Training on edge devices poses several challenges as these devices are generally resource-constrained, especially in terms of power. State-of-the-art techniques at the device level reduce the GPU frequency to enforce power constraints, leading to a significant increase in training time. To accelerate training, we propose to jointly adjust the system and application parameters (in our case, the GPU frequency and the batch size of the training task) while adhering to the power constraints on devices. We introduce a novel cross-layer methodology that combines predictions of batch size efficiency and device profiling to achieve the desired optimization. Our evaluation on real hardware shows that our method outperforms the current baselines that depend on state of the art techniques, reducing the training time by $2.4\times$ with results very close to optimal. Our measurements also indicate a substantial reduction in the overall energy used for the training process. These gains are achieved without reduction in the performance of the trained model.
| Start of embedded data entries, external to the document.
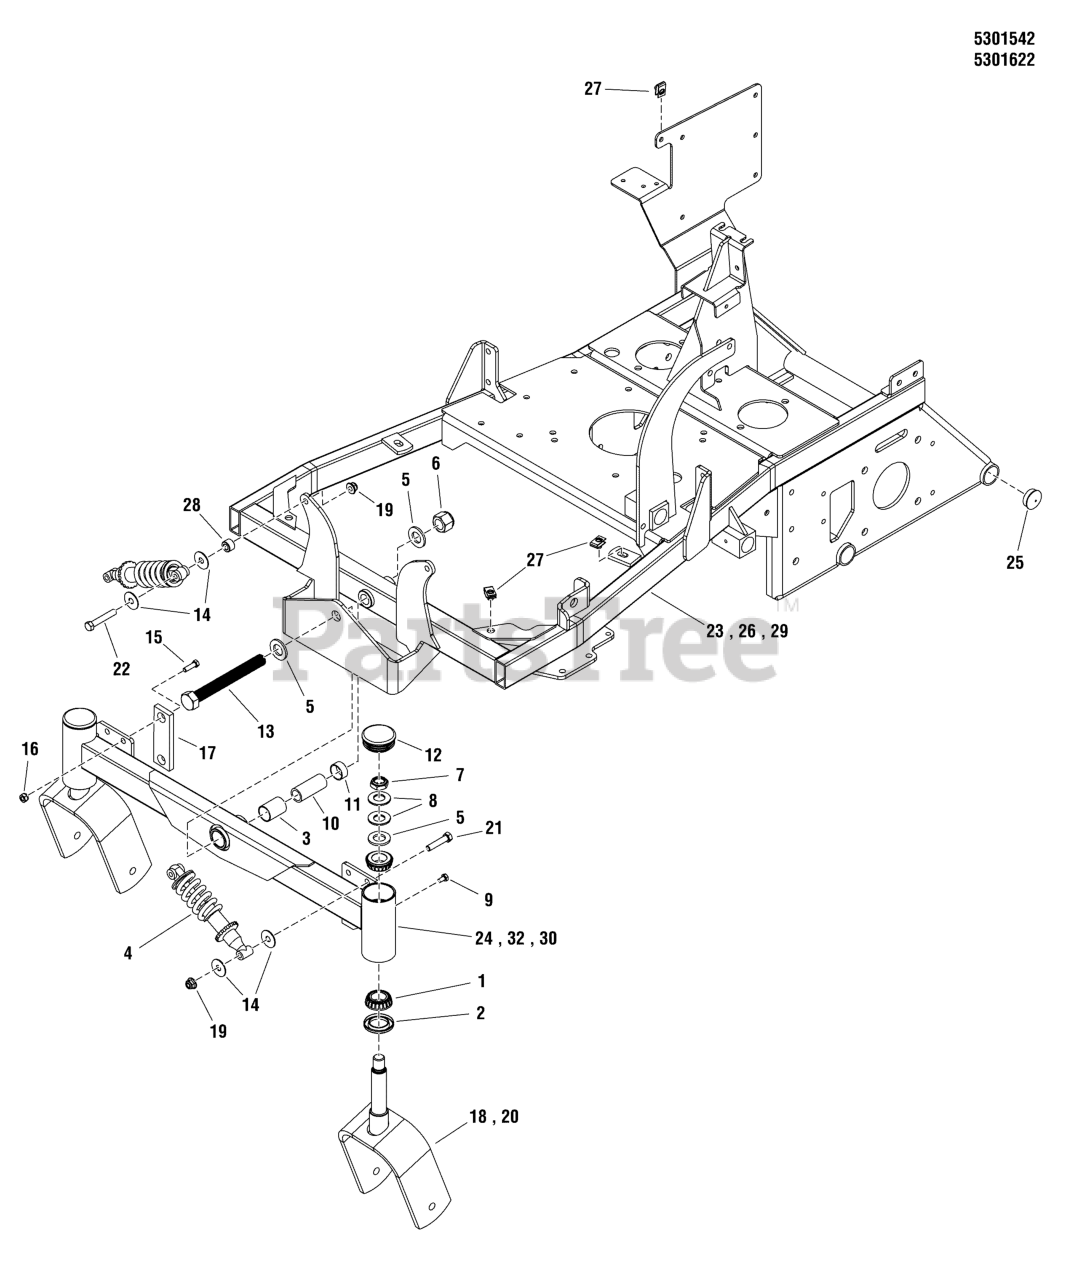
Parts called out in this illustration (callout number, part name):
1	BEARING, TAPERED ROLLER, 1
2	SEAL, GREASE
3	PIVOT BEARING-1.00 X 1.125 ODX1.50
4	SHOCK, SPRING ASSEMBLY
5	WASHER, 3/4 SAE
6	NUT, 3/4-16 HEX NYLON LOCK
7	NUT, 3/4-16, HEX JAM NYLON LOCK
8	WASHER, BELLEVILLE - 1.500 X .755
9	BOLT, 1/4-28 X 1/2, GD5 YZ
10	SPACER, .75 X 1.00 X 2.38
11	PIVOT BEARING, 1.00 X 1.125 OD X .50
12	CAP, GREASE, LOW PROFILE
13	BOLT, 3/4-16 X 6-1/2 YZ GD5
14	WASHER-3/8 FENDER
15	SCREW, 5/16-18 X 1 PHILLIPS HD, BZ
16	NUT, 5/16-18 HEX NYLON LOCK
17	PAD, FRICTION, .375 X 1.25 X 4.00
18	WELD, CASTER YOKE - RED
19	NUT, 3/8-16 HEX NYLOCK FLANGE
20	WELD, CASTER YOKE - RED
21	BOLT, 3/8-16 X 1-3/4" GD5 CZ
22	BOLT, 3/8-16 X 2-1/4" GD5 CZ
23	WELD, MAIN FRAM
24	ASSM, FRONT END PIVOT
25	PLUG, PANEL, 1.25 - BLACK
26	WELD, FRONT FRAME
27	BODY CLIP, 5/16-18-7GA MATERIAL
28	SPACER, .39 X .75 X .50, CZ
29	WELD, MAIN FRAME, EVOLUTION, 48 - RED
30	ASSM, FRONT END PIVOT
32	ASSM, FRONT END PIVOT
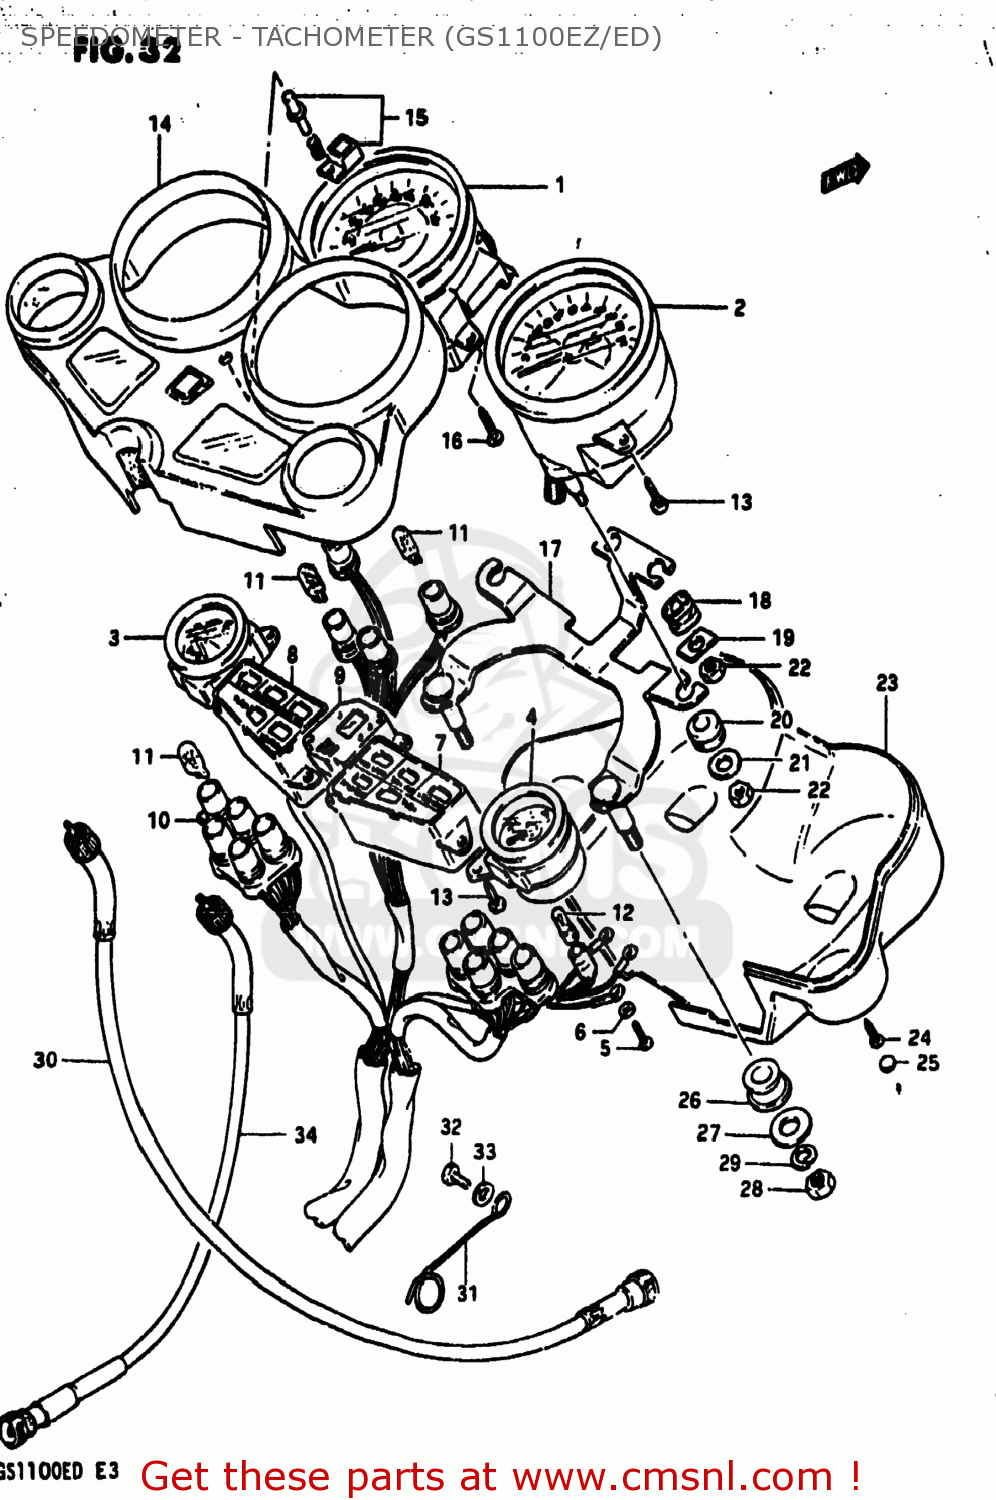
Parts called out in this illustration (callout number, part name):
1	SPEEDOMETER ASSEMBLY
2	TACHOMETER
3	METER,FUEL
4	METER,OIL TEMPERATURE
5	SCREW
6	WASHER
7	CASE,PILOT LAMP
8	CASE,PILOT LAMP
9	INDICATOR ASSEMBLY,GEAR POSITION
10	SOCKET,COMBINATION METER
11	BULB(12V3.4W,T10)
12	BULB(12V2W,STANLEY,A1272J)
13	SCREW
14	HOOD,METER
15	KNOB,TRIP METER
16	SCREW
17	BRACKET,COMBINATION METER
18	CUSHION,METER
19	WASHER,METER
20	CUSHION,METER
21	WASHER,METER
22	NUT
23	COVER,METER,UNDER
24	SCREW
25	CAP,METER LOWER CASE
26	CUSHION,METER BRACKET
27	WASHER (8.5X29X1.6)
28	NUT
29	LOCK WASHER
30	CABLE ASSY,SPEEDOMETER
31	CLAMP,SPEEDOMETER CABLE
32	BOLT, UPPER
33	WASHER
34	CABLE ASSEMBLY,TACHOMETER

翻译：在边缘设备上进行训练面临诸多挑战，因为这些设备通常资源受限，尤其在功耗方面。设备层面的最先进技术通过降低GPU频率来满足功耗约束，但这会导致训练时间显著增加。为了加速训练，我们提出在遵守设备功耗约束的同时，联合调整系统与应用参数（在我们的案例中，即GPU频率与训练任务的批次大小）。我们引入了一种新颖的跨层方法，该方法结合了批次大小效率预测与设备性能分析，以实现期望的优化。我们在真实硬件上的评估表明，我们的方法优于依赖现有最先进技术的当前基线，将训练时间减少了$2.4\times$，且结果非常接近最优。我们的测量结果还表明，训练过程的总能耗也大幅降低。这些收益的取得并未降低训练后模型的性能。